= ABOUT THIS EXERCISE =
Records follow. Pull out every line that contains "drawing".

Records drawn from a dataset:
- - - -

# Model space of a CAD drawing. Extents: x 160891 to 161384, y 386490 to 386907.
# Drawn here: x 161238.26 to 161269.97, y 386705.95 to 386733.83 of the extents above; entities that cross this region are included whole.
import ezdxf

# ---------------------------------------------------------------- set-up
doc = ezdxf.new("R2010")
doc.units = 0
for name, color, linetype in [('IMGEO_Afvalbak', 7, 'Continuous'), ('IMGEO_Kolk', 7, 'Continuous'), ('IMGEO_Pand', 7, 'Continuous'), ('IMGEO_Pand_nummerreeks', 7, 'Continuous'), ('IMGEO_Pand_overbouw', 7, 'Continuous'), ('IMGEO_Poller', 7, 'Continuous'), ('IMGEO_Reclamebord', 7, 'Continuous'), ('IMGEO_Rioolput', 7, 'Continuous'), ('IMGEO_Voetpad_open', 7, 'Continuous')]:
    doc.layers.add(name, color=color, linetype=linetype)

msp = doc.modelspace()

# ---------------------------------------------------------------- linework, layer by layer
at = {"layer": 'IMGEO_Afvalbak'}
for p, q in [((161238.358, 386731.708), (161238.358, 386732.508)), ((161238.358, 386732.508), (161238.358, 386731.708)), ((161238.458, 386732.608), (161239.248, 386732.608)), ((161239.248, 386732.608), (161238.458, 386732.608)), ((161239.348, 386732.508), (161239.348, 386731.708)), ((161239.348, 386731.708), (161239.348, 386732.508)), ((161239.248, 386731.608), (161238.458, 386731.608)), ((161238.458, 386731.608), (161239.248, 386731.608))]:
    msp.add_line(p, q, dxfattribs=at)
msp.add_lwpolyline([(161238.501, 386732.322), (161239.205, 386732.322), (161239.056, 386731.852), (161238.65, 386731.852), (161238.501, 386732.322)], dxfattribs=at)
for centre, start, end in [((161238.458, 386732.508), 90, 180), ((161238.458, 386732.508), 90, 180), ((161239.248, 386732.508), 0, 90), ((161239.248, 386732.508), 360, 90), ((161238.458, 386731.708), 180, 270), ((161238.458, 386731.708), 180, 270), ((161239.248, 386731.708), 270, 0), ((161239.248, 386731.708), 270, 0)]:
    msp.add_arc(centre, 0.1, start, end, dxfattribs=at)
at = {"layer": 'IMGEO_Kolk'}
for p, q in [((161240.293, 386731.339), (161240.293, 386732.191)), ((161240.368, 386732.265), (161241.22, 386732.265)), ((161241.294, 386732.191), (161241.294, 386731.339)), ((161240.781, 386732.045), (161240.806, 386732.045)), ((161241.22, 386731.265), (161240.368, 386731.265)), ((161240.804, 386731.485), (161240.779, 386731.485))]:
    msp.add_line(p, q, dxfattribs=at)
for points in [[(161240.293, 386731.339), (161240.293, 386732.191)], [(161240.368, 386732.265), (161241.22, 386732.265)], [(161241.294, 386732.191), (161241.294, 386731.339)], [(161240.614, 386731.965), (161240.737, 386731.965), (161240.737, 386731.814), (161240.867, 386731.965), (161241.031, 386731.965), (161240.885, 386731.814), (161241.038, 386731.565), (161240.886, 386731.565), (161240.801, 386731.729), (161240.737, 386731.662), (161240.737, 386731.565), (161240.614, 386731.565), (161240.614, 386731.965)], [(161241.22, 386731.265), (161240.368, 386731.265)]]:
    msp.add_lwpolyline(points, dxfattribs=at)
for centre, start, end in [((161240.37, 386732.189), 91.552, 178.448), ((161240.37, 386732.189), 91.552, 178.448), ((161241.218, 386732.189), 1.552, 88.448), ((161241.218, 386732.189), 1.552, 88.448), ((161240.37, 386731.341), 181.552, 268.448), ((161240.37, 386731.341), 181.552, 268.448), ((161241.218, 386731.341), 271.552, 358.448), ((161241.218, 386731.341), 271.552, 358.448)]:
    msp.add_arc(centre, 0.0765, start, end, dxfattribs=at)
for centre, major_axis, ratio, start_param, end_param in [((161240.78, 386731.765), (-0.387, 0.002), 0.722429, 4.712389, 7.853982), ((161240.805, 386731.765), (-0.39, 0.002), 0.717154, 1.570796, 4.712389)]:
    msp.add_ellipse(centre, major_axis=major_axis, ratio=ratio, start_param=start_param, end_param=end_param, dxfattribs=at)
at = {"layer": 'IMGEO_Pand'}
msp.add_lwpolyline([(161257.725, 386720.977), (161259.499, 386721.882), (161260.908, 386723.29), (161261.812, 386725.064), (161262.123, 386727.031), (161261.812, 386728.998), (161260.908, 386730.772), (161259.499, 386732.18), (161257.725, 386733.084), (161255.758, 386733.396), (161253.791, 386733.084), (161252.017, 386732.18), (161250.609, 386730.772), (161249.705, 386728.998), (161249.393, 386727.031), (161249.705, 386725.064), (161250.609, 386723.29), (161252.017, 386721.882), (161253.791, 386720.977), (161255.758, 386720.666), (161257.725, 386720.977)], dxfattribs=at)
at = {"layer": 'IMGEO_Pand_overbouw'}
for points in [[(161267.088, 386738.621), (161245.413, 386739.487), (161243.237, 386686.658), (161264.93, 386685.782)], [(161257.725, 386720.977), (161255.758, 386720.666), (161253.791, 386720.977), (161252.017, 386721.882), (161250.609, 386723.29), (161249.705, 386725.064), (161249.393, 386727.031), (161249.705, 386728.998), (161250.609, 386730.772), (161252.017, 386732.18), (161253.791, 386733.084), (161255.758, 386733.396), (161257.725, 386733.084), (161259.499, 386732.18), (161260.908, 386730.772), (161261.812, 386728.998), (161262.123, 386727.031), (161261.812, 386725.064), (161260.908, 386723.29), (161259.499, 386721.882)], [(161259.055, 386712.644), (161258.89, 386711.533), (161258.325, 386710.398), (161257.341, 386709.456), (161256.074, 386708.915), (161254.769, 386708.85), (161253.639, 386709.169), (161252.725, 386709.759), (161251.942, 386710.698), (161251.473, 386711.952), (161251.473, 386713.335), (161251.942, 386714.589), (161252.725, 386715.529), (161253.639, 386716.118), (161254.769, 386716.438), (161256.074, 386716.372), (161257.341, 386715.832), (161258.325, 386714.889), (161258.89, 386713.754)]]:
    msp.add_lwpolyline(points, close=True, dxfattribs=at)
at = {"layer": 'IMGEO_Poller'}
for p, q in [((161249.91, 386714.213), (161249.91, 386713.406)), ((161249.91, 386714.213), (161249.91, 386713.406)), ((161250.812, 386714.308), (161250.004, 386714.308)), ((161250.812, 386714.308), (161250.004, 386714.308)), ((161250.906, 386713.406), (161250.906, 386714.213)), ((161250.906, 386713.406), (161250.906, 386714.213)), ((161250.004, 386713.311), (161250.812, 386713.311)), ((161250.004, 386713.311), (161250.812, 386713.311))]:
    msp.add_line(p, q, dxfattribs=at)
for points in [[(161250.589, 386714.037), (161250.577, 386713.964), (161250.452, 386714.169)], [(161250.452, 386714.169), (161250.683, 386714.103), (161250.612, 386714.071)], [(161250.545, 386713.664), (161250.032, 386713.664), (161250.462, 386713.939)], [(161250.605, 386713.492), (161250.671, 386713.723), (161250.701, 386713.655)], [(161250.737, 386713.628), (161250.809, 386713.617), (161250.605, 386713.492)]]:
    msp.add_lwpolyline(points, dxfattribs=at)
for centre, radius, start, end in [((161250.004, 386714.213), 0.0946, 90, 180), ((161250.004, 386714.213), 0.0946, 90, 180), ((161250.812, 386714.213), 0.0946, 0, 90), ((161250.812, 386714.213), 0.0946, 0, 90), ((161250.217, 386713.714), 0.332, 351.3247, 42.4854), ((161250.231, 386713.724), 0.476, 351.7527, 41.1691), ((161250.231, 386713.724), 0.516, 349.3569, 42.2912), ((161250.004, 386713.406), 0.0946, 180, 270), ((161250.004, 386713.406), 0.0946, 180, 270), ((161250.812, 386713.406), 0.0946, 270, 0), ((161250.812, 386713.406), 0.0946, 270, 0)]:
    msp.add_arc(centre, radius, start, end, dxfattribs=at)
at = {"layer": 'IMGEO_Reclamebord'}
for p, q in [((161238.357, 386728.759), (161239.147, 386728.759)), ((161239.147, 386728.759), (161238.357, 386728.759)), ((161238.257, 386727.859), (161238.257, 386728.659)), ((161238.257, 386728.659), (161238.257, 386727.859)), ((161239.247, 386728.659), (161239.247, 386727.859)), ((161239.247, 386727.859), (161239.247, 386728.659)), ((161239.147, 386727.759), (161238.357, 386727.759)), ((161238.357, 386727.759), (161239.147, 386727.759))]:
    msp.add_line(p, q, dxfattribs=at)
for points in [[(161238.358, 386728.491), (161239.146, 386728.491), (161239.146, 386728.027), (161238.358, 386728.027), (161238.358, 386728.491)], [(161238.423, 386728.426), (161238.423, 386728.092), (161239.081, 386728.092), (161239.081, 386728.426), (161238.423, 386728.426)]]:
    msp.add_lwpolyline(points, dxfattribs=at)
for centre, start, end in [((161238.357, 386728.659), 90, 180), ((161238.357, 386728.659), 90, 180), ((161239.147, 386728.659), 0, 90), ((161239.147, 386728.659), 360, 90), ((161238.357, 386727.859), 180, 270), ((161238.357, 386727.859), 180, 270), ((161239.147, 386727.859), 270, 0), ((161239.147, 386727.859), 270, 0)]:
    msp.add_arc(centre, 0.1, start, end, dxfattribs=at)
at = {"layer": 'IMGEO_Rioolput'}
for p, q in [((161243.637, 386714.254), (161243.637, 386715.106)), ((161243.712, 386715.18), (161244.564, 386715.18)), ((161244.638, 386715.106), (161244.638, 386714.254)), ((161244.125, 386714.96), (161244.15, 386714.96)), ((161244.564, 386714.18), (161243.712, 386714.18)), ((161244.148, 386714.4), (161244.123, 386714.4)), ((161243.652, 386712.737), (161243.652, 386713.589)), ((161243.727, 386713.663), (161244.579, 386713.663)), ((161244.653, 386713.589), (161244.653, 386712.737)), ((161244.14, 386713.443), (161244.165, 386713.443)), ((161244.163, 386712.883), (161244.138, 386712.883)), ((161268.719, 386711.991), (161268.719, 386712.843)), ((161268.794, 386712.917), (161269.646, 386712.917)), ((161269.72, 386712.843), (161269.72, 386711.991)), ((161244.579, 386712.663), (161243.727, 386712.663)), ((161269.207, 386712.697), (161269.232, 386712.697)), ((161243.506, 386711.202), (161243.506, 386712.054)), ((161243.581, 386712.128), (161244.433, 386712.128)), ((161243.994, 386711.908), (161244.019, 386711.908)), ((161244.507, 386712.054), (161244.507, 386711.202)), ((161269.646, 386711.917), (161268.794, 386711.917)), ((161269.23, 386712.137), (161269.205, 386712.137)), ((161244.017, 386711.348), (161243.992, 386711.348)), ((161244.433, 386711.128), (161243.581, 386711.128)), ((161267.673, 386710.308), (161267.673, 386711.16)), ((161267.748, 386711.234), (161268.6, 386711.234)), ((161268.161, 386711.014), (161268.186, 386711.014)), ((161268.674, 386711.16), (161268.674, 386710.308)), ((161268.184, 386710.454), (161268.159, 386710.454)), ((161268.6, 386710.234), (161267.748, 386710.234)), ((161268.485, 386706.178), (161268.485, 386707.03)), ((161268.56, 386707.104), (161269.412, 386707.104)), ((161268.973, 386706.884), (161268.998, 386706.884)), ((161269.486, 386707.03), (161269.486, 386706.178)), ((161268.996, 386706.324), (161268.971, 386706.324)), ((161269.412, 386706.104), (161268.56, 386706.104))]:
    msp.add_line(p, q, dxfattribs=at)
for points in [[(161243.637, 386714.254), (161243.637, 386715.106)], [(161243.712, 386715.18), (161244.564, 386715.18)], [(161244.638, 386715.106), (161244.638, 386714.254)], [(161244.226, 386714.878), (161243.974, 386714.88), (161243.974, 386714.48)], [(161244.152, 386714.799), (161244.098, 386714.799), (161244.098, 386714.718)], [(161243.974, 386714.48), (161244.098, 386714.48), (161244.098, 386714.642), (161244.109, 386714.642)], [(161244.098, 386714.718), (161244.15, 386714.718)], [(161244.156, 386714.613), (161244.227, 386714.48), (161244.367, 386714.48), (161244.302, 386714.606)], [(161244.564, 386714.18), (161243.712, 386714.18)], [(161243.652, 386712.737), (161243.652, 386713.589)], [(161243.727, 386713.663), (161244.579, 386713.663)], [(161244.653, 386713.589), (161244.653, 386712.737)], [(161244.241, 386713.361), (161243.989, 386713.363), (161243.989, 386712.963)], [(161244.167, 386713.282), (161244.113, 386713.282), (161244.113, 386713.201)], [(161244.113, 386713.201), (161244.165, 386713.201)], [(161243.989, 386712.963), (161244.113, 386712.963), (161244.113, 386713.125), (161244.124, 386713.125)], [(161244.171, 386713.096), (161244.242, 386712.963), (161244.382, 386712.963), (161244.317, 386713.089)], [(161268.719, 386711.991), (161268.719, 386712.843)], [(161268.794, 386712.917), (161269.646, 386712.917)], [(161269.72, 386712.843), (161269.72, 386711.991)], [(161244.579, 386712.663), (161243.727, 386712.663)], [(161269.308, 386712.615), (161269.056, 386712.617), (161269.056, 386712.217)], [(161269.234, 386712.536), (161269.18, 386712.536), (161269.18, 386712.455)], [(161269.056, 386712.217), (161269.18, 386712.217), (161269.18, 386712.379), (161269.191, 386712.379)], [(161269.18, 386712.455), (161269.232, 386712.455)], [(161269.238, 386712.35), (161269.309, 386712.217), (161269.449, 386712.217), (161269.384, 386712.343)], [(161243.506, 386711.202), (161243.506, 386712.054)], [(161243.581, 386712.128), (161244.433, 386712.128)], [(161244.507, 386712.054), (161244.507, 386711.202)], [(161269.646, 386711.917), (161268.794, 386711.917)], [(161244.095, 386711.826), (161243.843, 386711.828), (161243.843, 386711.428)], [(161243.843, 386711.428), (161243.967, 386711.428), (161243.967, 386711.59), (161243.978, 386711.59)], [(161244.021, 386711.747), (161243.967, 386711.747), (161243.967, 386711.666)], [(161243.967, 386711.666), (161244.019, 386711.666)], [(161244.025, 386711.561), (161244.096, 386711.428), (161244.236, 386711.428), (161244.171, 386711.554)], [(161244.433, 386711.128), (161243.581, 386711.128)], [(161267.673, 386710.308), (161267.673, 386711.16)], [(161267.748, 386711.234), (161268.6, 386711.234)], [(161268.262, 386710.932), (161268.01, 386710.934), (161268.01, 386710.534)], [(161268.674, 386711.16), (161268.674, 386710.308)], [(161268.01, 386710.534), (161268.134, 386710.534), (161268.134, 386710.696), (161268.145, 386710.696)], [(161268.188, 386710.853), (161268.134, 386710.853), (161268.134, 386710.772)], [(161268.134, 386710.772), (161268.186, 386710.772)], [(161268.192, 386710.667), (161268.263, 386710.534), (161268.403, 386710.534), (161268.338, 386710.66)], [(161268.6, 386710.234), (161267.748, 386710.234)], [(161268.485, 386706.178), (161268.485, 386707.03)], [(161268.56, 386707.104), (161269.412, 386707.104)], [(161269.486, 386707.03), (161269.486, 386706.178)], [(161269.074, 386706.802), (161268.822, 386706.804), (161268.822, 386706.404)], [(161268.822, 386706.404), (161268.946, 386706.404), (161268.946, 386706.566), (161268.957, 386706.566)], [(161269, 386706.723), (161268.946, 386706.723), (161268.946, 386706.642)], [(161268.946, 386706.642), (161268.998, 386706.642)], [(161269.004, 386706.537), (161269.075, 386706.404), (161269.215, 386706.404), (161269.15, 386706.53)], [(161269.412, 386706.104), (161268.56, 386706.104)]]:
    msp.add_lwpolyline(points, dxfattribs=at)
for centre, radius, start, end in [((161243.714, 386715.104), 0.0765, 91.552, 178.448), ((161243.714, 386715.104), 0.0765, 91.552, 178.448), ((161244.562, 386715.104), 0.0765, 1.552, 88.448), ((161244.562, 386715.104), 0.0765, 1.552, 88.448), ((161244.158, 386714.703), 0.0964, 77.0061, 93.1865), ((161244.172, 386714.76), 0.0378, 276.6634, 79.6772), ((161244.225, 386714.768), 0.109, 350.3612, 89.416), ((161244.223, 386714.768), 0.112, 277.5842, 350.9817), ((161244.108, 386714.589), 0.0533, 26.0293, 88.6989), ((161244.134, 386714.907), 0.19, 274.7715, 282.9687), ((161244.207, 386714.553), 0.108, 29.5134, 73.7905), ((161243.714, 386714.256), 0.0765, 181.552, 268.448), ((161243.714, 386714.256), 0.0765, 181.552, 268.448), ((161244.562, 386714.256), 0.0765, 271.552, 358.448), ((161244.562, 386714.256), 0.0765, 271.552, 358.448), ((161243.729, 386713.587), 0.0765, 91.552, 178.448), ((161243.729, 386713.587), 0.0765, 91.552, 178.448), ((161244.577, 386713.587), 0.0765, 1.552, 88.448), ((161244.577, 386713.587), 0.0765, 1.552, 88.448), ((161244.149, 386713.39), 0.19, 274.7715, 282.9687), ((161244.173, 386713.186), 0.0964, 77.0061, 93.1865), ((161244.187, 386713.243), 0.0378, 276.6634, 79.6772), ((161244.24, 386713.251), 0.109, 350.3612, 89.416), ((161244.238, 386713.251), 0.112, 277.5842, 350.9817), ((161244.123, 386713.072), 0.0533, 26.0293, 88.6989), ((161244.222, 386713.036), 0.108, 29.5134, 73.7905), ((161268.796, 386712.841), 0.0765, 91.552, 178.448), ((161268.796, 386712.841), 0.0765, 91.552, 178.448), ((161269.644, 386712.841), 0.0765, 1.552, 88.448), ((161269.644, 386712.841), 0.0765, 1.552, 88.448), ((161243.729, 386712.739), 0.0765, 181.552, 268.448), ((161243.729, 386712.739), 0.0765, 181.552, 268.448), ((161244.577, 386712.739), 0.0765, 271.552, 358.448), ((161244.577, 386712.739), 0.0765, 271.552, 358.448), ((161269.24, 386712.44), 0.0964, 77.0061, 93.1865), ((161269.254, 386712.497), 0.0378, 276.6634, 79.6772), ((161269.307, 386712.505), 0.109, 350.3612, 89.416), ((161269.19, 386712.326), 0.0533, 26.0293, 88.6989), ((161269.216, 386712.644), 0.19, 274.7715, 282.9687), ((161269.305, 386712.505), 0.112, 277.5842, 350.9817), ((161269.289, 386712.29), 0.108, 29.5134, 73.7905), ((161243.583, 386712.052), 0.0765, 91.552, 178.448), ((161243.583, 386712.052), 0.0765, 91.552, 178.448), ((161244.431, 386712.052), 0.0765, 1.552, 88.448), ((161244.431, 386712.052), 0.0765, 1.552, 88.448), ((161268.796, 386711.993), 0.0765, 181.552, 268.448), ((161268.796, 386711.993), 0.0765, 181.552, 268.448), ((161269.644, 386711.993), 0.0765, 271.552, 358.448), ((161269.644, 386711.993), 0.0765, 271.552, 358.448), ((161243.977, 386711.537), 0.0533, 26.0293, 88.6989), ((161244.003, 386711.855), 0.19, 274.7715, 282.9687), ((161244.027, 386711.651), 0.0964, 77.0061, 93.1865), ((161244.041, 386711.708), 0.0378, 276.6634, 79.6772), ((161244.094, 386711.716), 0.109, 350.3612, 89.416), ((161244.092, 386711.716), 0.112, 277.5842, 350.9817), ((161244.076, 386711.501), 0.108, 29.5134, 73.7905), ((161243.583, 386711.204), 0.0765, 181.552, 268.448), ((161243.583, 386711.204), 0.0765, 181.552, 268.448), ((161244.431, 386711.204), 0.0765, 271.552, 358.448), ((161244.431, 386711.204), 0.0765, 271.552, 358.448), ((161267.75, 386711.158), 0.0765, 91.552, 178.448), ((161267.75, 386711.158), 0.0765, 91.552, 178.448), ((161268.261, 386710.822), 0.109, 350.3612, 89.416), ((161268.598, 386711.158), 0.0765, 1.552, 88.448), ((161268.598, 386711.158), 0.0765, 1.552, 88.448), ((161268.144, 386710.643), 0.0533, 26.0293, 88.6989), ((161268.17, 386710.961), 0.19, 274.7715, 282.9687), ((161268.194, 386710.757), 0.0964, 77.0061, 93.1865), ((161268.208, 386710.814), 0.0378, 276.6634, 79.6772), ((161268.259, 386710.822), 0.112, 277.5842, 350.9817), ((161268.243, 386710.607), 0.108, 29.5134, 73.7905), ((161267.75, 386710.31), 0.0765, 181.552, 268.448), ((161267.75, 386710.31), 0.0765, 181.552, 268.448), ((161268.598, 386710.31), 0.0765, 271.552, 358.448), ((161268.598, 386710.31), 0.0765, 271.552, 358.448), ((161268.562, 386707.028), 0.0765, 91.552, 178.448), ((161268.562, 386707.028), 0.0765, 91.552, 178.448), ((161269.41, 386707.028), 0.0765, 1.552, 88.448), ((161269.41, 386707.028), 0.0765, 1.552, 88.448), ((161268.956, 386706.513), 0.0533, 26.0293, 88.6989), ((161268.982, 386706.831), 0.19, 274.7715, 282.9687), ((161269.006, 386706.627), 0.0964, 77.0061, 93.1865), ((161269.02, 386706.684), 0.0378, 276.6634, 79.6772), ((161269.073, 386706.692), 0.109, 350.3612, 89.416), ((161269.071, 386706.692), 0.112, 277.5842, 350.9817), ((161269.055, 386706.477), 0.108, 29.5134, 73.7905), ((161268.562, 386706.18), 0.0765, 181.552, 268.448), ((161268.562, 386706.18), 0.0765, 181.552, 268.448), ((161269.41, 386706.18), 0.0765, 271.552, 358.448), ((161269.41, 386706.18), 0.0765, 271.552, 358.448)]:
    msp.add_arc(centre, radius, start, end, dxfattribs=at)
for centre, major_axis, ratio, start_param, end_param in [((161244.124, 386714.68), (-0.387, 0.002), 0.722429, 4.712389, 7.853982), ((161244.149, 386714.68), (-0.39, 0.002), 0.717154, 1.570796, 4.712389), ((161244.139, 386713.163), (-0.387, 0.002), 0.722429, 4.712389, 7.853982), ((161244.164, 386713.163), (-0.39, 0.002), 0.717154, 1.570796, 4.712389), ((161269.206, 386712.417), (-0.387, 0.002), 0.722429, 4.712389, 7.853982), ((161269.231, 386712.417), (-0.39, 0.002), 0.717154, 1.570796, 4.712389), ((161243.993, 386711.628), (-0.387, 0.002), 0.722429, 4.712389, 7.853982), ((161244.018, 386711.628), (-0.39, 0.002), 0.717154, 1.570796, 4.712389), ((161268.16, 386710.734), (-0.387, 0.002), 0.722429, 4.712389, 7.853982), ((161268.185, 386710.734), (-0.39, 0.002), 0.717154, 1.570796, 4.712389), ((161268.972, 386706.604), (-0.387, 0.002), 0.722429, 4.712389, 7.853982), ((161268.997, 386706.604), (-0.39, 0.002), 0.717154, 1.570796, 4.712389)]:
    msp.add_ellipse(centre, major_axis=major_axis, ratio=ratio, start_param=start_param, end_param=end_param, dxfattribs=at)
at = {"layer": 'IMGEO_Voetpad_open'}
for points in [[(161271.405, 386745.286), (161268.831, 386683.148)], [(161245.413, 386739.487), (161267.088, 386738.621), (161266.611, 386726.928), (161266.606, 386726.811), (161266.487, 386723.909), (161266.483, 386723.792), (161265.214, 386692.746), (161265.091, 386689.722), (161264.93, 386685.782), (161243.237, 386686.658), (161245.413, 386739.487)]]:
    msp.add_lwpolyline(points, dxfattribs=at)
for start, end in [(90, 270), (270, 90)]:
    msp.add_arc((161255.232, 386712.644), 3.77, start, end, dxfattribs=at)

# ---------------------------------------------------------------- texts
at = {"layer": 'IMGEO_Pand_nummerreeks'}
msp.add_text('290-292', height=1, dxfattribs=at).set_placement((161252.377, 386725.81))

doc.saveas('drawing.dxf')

- - - -

= EXERCISE RESPONSE =
# Model space of a CAD drawing. Extents: x 160891 to 161384, y 386490 to 386907.
doc.saveas('drawing.dxf')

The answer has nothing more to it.